I recently received a detailed analysis of the water that eventually makes it's way to my tap. The water was sampled from one of the wells that are used to supply water to our area. I'm assumming that the water was not treated before the analysis....may not be the case. Anyway, Roger Miller pointed out a very weird and unusual analysis result.....K=80.7 mg/L. Other water parameters include:

pH-9.38
Total Alkalinity-198.9 mg/L as CaCO3
Total Hardness-8.2 mg/L as CaCO3
Nitrate-N-zero mg/L
Na-56 mg/L
and others.

The potential problems with the very high K and the plants inability to assimalate Ca and Mg have been pointed out. Additional K should not be added through feritization. 

Now to my other problem: I have a pressured CO2 system and the plants are loving it but I can not detect any nitrate even after two weeks without a water change. The plants are pearling heavily and, apparently, using all the nitrate that is available. This is probably resulting in a nitrate deficiency. Is there another common source availbale to increase NO3 without the additional K increase that comes with potassium nitrate. Any sugguestions will be appreciated.

George


----------



## imported_George (Mar 28, 2003)

I recently received a detailed analysis of the water that eventually makes it's way to my tap. The water was sampled from one of the wells that are used to supply water to our area. I'm assumming that the water was not treated before the analysis....may not be the case. Anyway, Roger Miller pointed out a very weird and unusual analysis result.....K=80.7 mg/L. Other water parameters include:

pH-9.38
Total Alkalinity-198.9 mg/L as CaCO3
Total Hardness-8.2 mg/L as CaCO3
Nitrate-N-zero mg/L
Na-56 mg/L
and others.

The potential problems with the very high K and the plants inability to assimalate Ca and Mg have been pointed out. Additional K should not be added through feritization. 

Now to my other problem: I have a pressured CO2 system and the plants are loving it but I can not detect any nitrate even after two weeks without a water change. The plants are pearling heavily and, apparently, using all the nitrate that is available. This is probably resulting in a nitrate deficiency. Is there another common source availbale to increase NO3 without the additional K increase that comes with potassium nitrate. Any sugguestions will be appreciated.

George


----------



## anonapersona (Mar 11, 2004)

More fish?


----------



## ekim (Jan 31, 2004)

CaNO3 - calcium nitrate

*My Digital Gallery*


----------



## George Willms (Jul 28, 2004)

Calcium nitrate may raise his Kh higher than he wants it though.

George

Tank specs in profile


----------



## ekim (Jan 31, 2004)

> quote:
> 
> Originally posted by George Willms:
> Calcium nitrate may raise his Kh higher than he wants it though.
> George


nope, I disagree!

1/4tsp per 20 gal (say 75 litre) tank, would give you 5.3ppm calcium and 16.8ppm nitrate

He would have to add over 50ppm of NO3 to raise the GH buy about 1 degree!

*My Digital Gallery*


----------



## ekim (Jan 31, 2004)

George Willms, also Ca will not raise KH, FYI

*My Digital Gallery*


----------



## perrush (Feb 24, 2003)

NH4NO3 in very small portions ? because too much at once could set NH3 free

HNO3 also in very very small portion. If you have a little room with your KH, the HNO3 would convert some KH into CO2. If KH is low, you'll have to add NaHCO3 to keep the KH up.

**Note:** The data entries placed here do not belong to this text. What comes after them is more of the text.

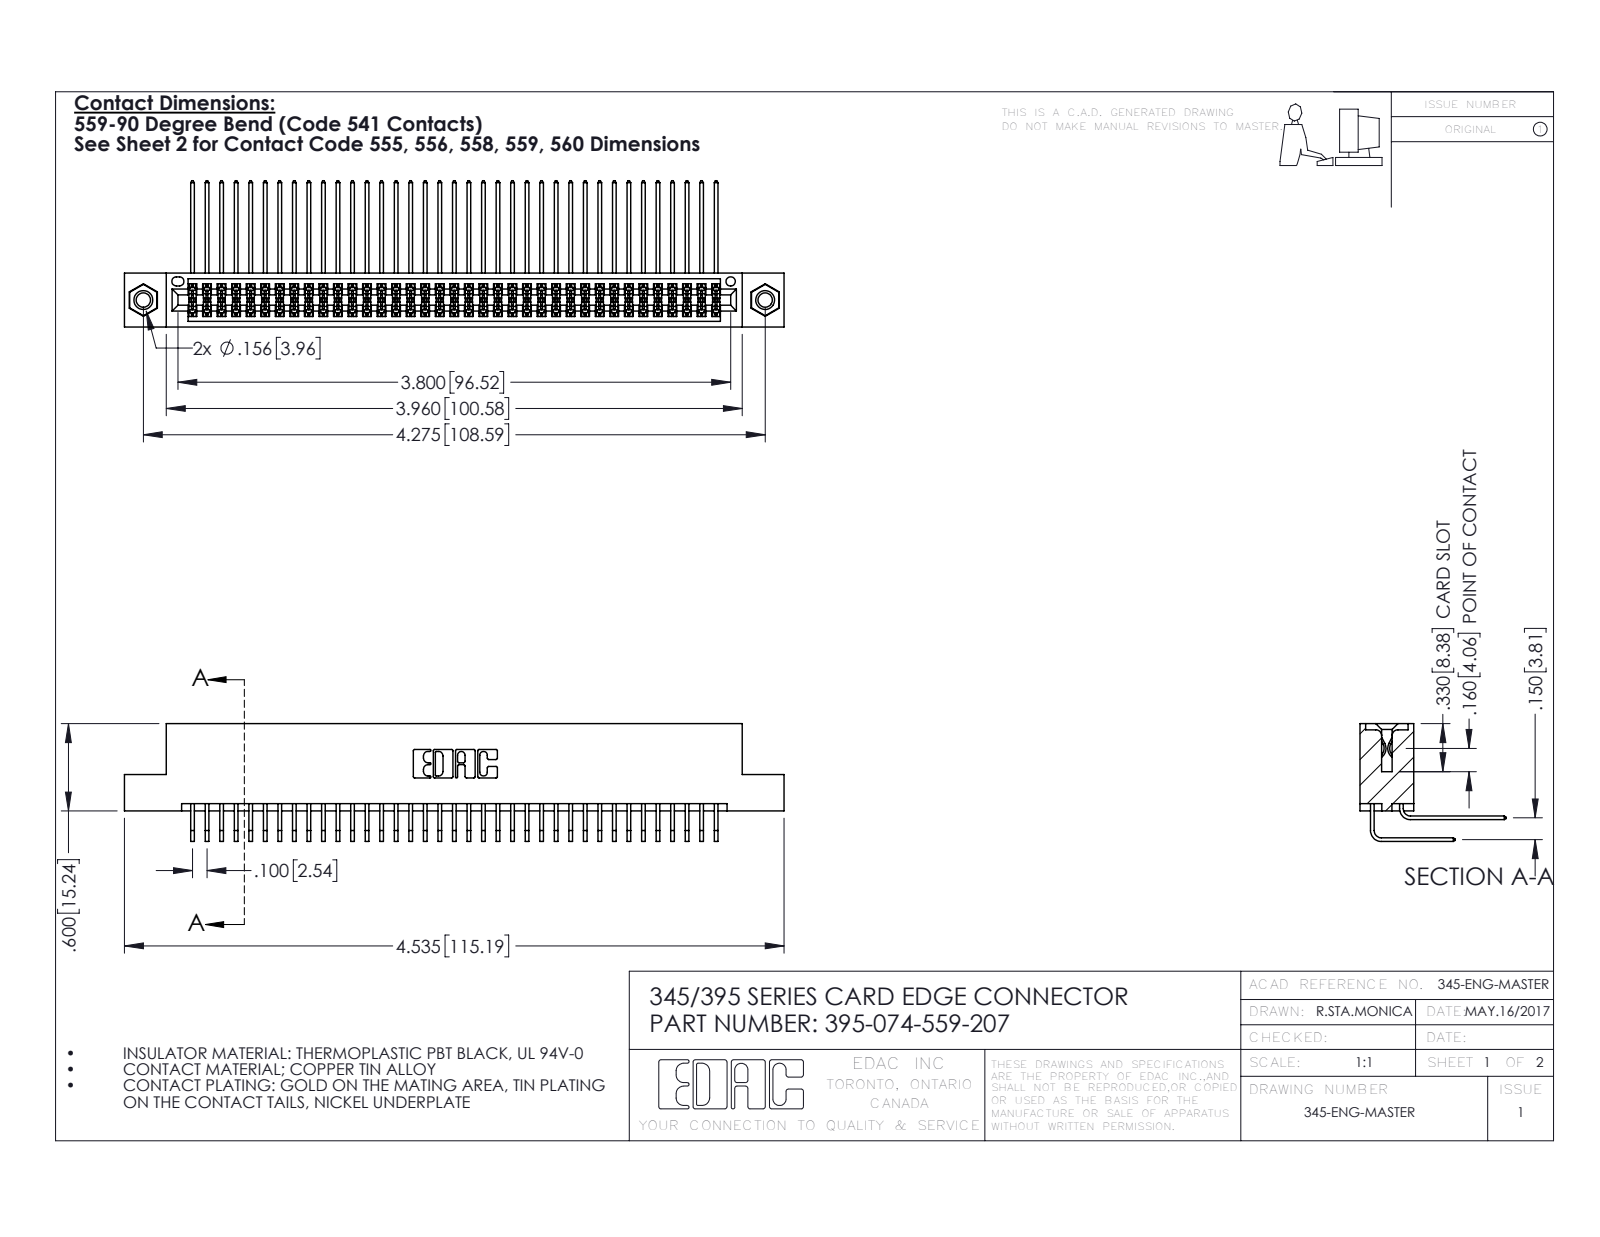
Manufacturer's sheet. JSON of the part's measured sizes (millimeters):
{"part_name": "345-292-001_559 Tail - 2; 345 Part_Flush Mounting Lugs - 0.156 Dia-TI; 345-292-001_558 559 Tail - 1; 395-074-559-207 (+1 more)", "step_written_by": "SolidWorks 2016 (CONFIG_CONTROL_DESIGN)", "units": "millimeters", "bodies": {"solids": 77, "faces": 4034, "planar": 2702, "cylindrical": 1316, "other": 16}, "overall_size": [115.2, 25.5, 20.5], "volume_mm3": 11600, "surface_area_mm2": 19020, "round_holes": [[2.5, 2], [3.2, 2], [4, 2], [1.6, 1]], "round_bosses_or_shafts": [[3.9, 2]], "partial_cylinders_radius": [[0.2, 112], [0.3, 22], [0.2, 6], [0.8, 6], [0.7, 3], [0.4, 2], [0.5, 2], [0.6, 2]], "face_to_face_distances": [1.8, 7.6, 5.1, 9.4, 2.5, 6.9, 0.6, 5.7, 4.4, 3.8], "hole_center_spacings": [6.9, 102.6, 108.6]}
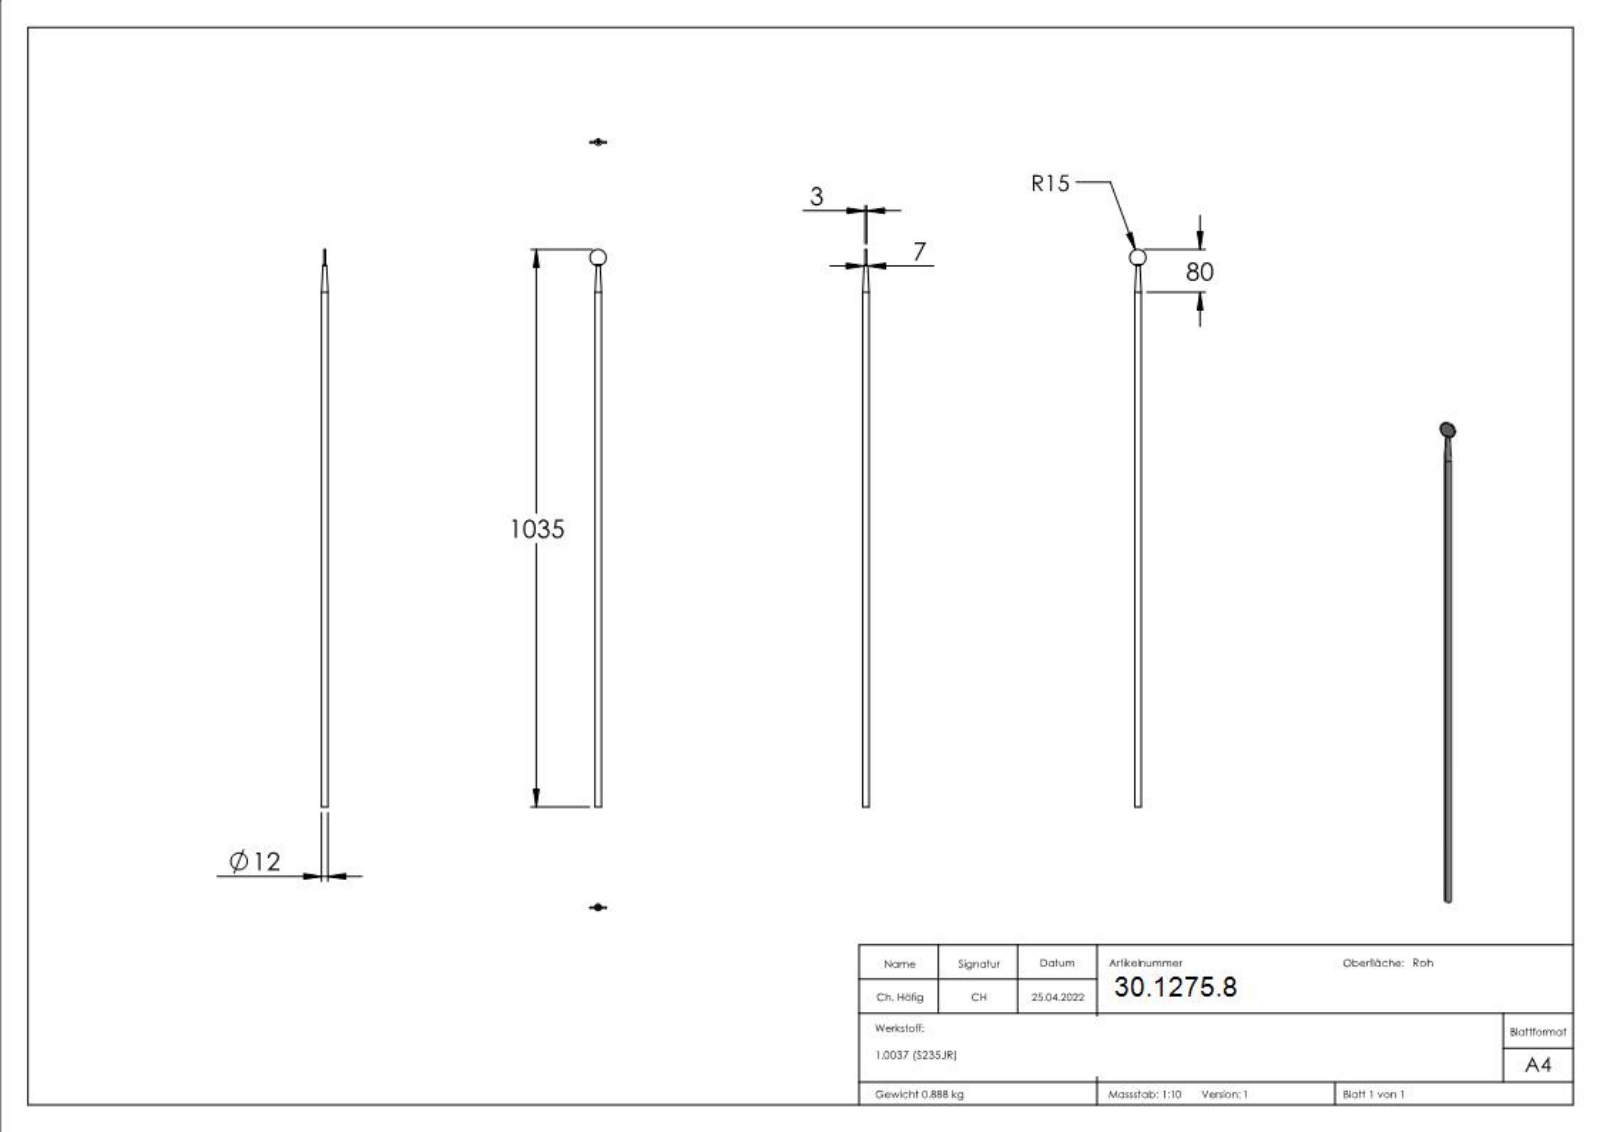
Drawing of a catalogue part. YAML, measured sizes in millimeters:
part_name: "1445"
step_written_by: "SolidWorks 2018 (CONFIG_CONTROL_DESIGN)"
units: millimeters
bodies: {solids: 1, faces: 220, planar: 135, cylindrical: 4, other: 81}
overall_size: [1035, 30, 12]
volume: 113787
surface_area: 39338
round_bosses_or_shafts:
  - {diameter: 30, count: 1}
  - {diameter: 12, count: 1}
partial_cylinders:
  - {radius: 2, count: 2}
face_to_face_distances: [3, 0.5, 2.21, 1.62, 0.34, 2.2, 2.45, 2.24, 0.83, 1.87]
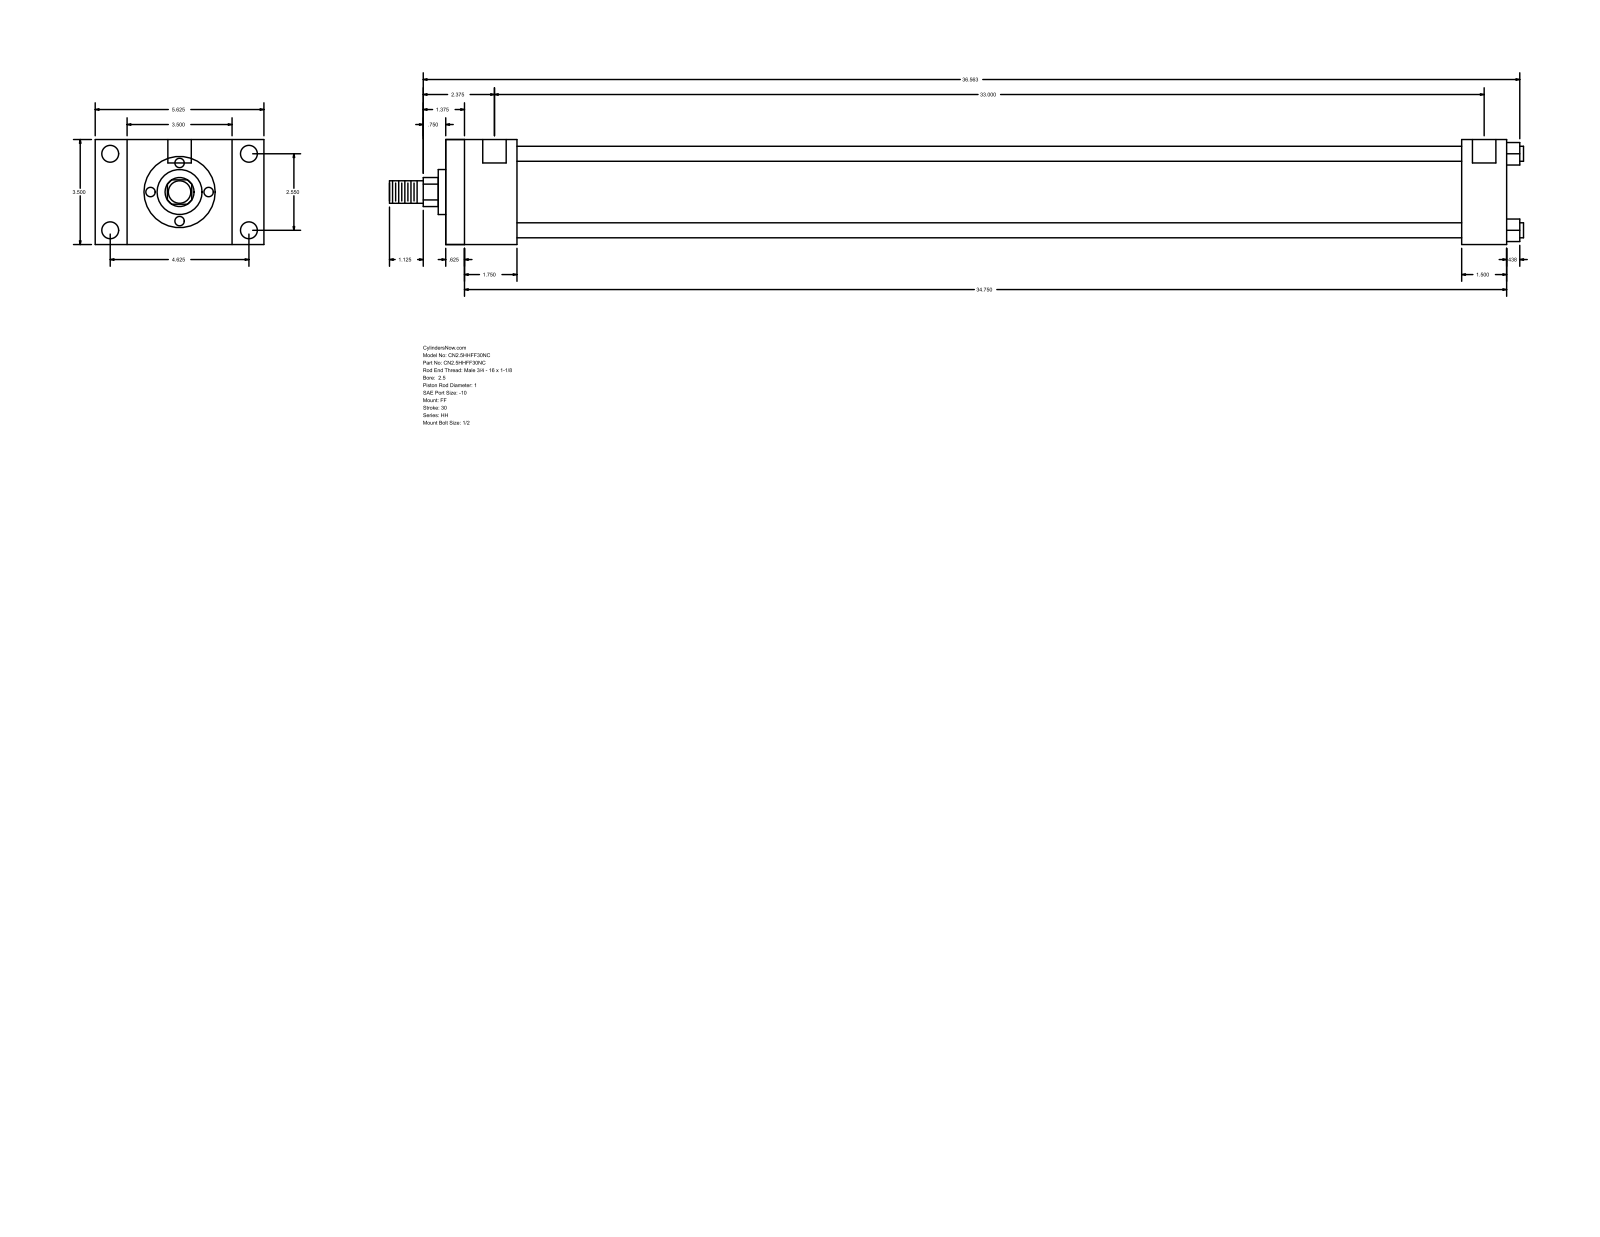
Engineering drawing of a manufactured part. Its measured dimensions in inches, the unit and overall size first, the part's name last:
Units: inches
Overall size (bounding box): 37.813 × 5.625 × 3.5
Round holes (diameter × count): ⌀0.219 ×4, ⌀0.563 ×4, ⌀0.781 ×2
Round bosses / shafts (diameter × count): ⌀0.5 ×4, ⌀2.875 ×1, ⌀1.5 ×1, ⌀1 ×1, ⌀0.75 ×1
Partial cylindrical surfaces — rounded edges, fillets, slot ends (radius × count): R0.484 ×1
Main face-to-face distances: 3.5, 35.375, 0.625, 34.75, 1.5, 2.375, 1.75, 33, 33.875, 33.25
Hole centre spacings: 0.063, 2.55, 4.625, 5.281, 33.062, 33.125, 33
Bodies: 0 solids, 92 faces (64 planar, 28 cylindrical, 0 other)
Part name (STEP PRODUCT): HH_FF__0250_1
STEP written by: GSSL Pune (CONFIG_CONTROL_DESIGN)

But if you're not confident with chemistry, but solution aren't that good because much damage with both can be done.

other more 'normal' options are :
Ca(NO3)2 and Mg(NO3)2 but both will raise GH too

--
English isn't my native language, but I guess you already noticed that ))
--

Perrush


----------



## imported_George (Mar 28, 2003)

According to the test kits, my tap water has a 6-7 dKH and <1 dGH. The pH is pretty steady at 6.9-7.0 with pressurized CO2. I have been slowly adding Epsom salts and CaCl to raise the GH, currently at 2.5-3 dGH. It sounds like if I replace the CaCl with CaNO3 I can increase the NO3 and as well as the GH...correct?

Will simply adding additional Ca and Mg help avoid a possible Ca/Mg deficiency in the plants because of the very high K(80.7 mg/L)? At this point, I'm not interested in trying to reduce the K through mixing with R/O water and having to restore the other important water parameters.

I briefly searched for local sources of CaNO3 and it seems it comes as a component of fertizilers with other elments or compounds that I do not want to add to the aquarium. Any sugguests? I found a source from the internet for 500g, lab, for $19.99....seems high.

Thanks again.

George

[This message was edited by George on Sat August 30 2003 at 04:34 AM.]

[This message was edited by George on Sat August 30 2003 at 04:37 AM.]


----------



## imported_Fred (Feb 1, 2003)

George,
That is the parameters for just one well.... combined with the other sources that make up your tap water you could have much different results.

Fred


----------



## imported_George (Mar 28, 2003)

Fred,

I thought about that possibility. I looked into having my tap water tested just as a cross-check to the analysis I received. I found several commercial labs that test water but none of them indicated that testing for potassium was part of their available analyzes. Perhahps, a special analysis request is possible....for the right price. I think Lamotte, apology in advance if it's the wrong vendor, sells a potassium test kit but reading the instructions...online...sugguests that the test result is a "little" subjective, at best. The ppm of K is dependent on the ability to see a "black dot". I believe the K is precipitated and the turbidity of the solution is an indication of ppm K. If this is not exactly correct...sorry. I think I'll continue checking out real labs that can run the test. The potassium question, is 80.7 mg/L coming out of my tap, has to be answered. It's beginning to festor and really bug-me. 

George


----------



## gpodio (Feb 4, 2004)

Fourish Nitrogen is another option, I used it for a year before switching to potassium nitrate, works well IMO.

Giancarlo Podio


----------